8        Finally, the trial court properly applied the persistent repeater enhancement to Long’s sentence.  A persistent repeater is one who has been convicted of a serious felony on two or more separate occasions prior to the serious felony for which he is currently being sentenced.  See Wis. Stat. § 939.62 (2005-06).  Long contends a Minnesota burglary conviction would not have constituted a serious felony in Wisconsin because the crime he committed after an illegal entry would have constituted fourth-degree sexual assault in Wisconsin, a misdemeanor.  Burglary is committed by a person who illegally enters with intent to commit a felony. 

9        The trial court appropriately applied State v.
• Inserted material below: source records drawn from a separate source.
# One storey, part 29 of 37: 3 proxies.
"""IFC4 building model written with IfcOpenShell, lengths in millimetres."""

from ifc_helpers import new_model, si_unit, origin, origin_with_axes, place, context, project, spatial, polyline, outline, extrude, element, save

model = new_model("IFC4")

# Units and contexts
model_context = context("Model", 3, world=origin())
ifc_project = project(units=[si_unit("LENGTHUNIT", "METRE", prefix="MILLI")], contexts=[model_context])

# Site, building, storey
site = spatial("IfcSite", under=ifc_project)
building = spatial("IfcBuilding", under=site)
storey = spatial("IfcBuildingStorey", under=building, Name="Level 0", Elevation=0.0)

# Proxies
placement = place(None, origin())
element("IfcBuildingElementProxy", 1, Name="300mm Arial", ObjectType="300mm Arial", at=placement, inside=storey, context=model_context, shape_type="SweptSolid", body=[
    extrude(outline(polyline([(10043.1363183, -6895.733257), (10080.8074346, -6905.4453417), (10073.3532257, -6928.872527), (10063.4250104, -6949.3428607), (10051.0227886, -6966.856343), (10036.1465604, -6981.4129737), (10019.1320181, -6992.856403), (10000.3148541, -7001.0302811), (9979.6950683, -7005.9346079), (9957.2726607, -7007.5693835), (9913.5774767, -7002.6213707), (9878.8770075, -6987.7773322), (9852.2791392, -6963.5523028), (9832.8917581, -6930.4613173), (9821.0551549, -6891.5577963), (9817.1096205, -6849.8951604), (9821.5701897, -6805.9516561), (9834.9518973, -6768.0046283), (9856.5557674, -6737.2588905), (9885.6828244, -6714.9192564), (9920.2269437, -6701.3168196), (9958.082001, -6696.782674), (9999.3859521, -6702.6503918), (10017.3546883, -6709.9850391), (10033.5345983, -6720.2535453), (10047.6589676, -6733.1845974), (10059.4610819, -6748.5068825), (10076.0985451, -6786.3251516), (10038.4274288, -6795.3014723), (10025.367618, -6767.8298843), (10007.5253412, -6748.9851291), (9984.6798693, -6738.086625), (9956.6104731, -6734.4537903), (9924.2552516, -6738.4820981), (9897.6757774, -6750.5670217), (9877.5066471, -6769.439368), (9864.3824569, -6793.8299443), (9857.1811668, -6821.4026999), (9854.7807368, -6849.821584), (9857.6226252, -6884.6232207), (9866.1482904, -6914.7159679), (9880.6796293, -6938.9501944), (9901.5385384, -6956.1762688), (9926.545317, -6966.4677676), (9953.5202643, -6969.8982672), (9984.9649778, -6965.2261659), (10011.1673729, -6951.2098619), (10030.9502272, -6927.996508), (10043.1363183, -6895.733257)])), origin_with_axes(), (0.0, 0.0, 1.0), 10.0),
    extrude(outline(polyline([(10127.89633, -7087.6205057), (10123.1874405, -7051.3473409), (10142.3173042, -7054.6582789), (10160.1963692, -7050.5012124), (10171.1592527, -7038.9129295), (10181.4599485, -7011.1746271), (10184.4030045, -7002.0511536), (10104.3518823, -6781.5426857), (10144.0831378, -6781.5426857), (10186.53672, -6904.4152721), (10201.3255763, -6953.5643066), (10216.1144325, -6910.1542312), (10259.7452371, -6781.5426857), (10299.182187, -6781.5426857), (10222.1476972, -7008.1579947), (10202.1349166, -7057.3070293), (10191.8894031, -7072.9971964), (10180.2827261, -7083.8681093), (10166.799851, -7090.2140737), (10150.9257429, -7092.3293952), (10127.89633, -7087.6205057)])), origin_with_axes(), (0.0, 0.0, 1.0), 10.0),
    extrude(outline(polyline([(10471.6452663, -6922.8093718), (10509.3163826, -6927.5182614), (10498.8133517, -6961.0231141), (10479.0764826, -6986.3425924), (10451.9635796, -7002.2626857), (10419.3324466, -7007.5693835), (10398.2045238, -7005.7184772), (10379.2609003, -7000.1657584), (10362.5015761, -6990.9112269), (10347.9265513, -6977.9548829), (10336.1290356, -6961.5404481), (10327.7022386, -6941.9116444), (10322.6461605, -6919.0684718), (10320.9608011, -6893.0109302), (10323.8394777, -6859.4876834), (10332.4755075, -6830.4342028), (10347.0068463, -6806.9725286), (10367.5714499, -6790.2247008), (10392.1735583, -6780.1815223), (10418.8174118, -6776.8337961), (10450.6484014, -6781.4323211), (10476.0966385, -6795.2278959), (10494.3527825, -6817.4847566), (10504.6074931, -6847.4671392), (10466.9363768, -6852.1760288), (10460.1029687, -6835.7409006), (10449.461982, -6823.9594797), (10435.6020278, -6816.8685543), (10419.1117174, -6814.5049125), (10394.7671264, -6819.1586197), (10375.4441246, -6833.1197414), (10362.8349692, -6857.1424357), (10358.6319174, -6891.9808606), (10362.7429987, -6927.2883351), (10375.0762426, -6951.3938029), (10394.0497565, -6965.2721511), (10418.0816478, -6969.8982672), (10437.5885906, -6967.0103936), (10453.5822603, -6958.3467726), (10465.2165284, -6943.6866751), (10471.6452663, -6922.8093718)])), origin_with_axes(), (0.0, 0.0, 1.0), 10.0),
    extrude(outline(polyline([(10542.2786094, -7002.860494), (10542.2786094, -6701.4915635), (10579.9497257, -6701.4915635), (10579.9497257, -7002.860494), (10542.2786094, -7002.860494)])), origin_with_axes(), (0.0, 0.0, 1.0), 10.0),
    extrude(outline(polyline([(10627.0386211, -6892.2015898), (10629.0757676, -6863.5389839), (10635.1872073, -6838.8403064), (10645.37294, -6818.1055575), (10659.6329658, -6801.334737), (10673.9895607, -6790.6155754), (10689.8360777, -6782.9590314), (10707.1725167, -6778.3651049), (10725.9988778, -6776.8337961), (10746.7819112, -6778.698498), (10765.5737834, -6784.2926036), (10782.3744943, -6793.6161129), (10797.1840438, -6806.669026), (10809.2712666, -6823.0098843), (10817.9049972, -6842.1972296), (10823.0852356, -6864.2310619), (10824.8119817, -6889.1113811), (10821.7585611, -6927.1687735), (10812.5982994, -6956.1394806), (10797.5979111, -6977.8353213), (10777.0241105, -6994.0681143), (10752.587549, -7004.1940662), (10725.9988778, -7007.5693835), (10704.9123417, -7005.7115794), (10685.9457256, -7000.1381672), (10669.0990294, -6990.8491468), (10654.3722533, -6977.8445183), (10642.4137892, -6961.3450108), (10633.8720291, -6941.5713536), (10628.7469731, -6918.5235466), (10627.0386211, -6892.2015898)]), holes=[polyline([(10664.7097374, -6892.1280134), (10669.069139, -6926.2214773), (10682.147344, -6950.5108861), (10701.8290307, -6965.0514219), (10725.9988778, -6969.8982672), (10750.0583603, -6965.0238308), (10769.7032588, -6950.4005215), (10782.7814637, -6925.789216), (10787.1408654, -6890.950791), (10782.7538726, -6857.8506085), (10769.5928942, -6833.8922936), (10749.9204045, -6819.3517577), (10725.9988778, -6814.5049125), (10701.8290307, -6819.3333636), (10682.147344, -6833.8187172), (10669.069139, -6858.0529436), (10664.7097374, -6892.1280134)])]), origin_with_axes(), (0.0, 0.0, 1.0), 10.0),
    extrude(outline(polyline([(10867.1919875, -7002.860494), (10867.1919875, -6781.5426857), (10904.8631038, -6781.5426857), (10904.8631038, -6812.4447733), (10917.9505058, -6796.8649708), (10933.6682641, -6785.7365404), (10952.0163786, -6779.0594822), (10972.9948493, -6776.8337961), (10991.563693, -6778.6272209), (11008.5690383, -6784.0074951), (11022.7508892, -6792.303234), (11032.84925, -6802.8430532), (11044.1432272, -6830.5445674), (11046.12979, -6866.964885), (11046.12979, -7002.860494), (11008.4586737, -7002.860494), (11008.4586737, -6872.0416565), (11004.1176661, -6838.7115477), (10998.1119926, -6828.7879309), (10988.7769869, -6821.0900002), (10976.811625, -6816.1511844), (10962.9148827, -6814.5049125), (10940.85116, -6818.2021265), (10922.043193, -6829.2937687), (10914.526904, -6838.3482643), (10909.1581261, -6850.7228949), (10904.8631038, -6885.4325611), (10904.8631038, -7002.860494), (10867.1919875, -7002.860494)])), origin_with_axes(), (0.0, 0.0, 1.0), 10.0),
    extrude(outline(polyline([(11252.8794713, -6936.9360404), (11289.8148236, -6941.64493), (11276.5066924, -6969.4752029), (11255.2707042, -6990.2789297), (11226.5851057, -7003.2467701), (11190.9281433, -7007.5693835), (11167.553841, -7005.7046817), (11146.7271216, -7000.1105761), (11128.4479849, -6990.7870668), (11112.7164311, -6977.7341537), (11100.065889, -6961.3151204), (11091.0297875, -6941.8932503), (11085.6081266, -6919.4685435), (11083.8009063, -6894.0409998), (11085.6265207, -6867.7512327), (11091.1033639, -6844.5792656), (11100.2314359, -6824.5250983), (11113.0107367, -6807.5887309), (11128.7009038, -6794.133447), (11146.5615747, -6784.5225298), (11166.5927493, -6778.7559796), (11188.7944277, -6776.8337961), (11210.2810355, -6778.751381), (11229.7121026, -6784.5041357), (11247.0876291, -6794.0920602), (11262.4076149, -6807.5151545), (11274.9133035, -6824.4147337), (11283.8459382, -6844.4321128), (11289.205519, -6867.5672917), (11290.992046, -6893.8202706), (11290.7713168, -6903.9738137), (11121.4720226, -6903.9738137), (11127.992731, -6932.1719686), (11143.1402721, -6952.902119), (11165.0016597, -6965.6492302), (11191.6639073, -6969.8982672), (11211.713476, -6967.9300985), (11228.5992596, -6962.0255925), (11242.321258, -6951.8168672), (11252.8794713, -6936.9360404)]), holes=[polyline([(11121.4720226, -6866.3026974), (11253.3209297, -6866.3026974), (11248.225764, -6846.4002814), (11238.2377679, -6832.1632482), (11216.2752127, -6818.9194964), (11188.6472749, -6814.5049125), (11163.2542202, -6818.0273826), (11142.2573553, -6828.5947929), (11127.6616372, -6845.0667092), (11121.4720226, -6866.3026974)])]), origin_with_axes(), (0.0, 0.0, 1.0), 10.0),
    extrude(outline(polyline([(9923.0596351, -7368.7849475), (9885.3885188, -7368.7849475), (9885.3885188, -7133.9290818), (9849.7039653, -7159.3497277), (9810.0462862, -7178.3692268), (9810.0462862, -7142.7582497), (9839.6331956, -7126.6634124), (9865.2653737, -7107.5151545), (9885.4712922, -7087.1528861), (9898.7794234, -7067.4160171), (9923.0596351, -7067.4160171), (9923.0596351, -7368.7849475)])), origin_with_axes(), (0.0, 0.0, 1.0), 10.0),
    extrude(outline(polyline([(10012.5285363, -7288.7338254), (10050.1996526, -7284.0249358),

Collins, 2002 WI App 177, ¶23, 256 Wis. 2d 697, 649 N.W.2d 325, when it examined Long’s conduct in the Minnesota incident and concluded the offense would have been a second-degree sexual assault and a burglary if the acts had occurred in Wisconsin.  In the Minnesota incident, Long entered an elevator dressed in tight spandex pants and a T-shirt, explaining to the women in the elevator that he lost a bet.  He asked their opinion about whether he looked big in spandex pants.  When the women left the elevator, he asked if he could look at himself in the mirror in their apartment.  Once inside, he asked them to hug him and to rate the size of his penis.  He then went into a bedroom and told one of the women he wanted to masturbate.  When she told him he could not, he left.  He returned carrying a thong and entered the apartment without knocking or otherwise obtaining permission.  He went into the bathroom and came out wearing the thong, went into a bedroom and began to masturbate.  He then told one of the women she had a “nice butt” and asked if he could see it because it would help him “get hard.”  When she refused, he pulled down her pants and grabbed her buttocks. 

10      These acts would constitute a second-degree sexual assault and burglary if committed in Wisconsin.  Second-degree sexual assault includes sexual contact by use of force.  The phrase “by use of force” includes forcible contact or force used as the means of making contact.  See State v. Bonds, 165 Wis. 2d 27, 32, 477 N.W.2d 265 (1991).  Forcibly pulling down the victim’s pants and grabbing her buttocks constitutes sexual conduct by use of force.  The illegal entry into the apartment to commit this felony constitutes burglary.  Therefore, the trial court properly applied the Minnesota crimes to establish the persistent penalty enhancer.

 

            By the Court.—Judgments affirmed.

            This opinion will not be published.  See Wis. Stat. Rule 809.23(1)(b)5 (2005-06).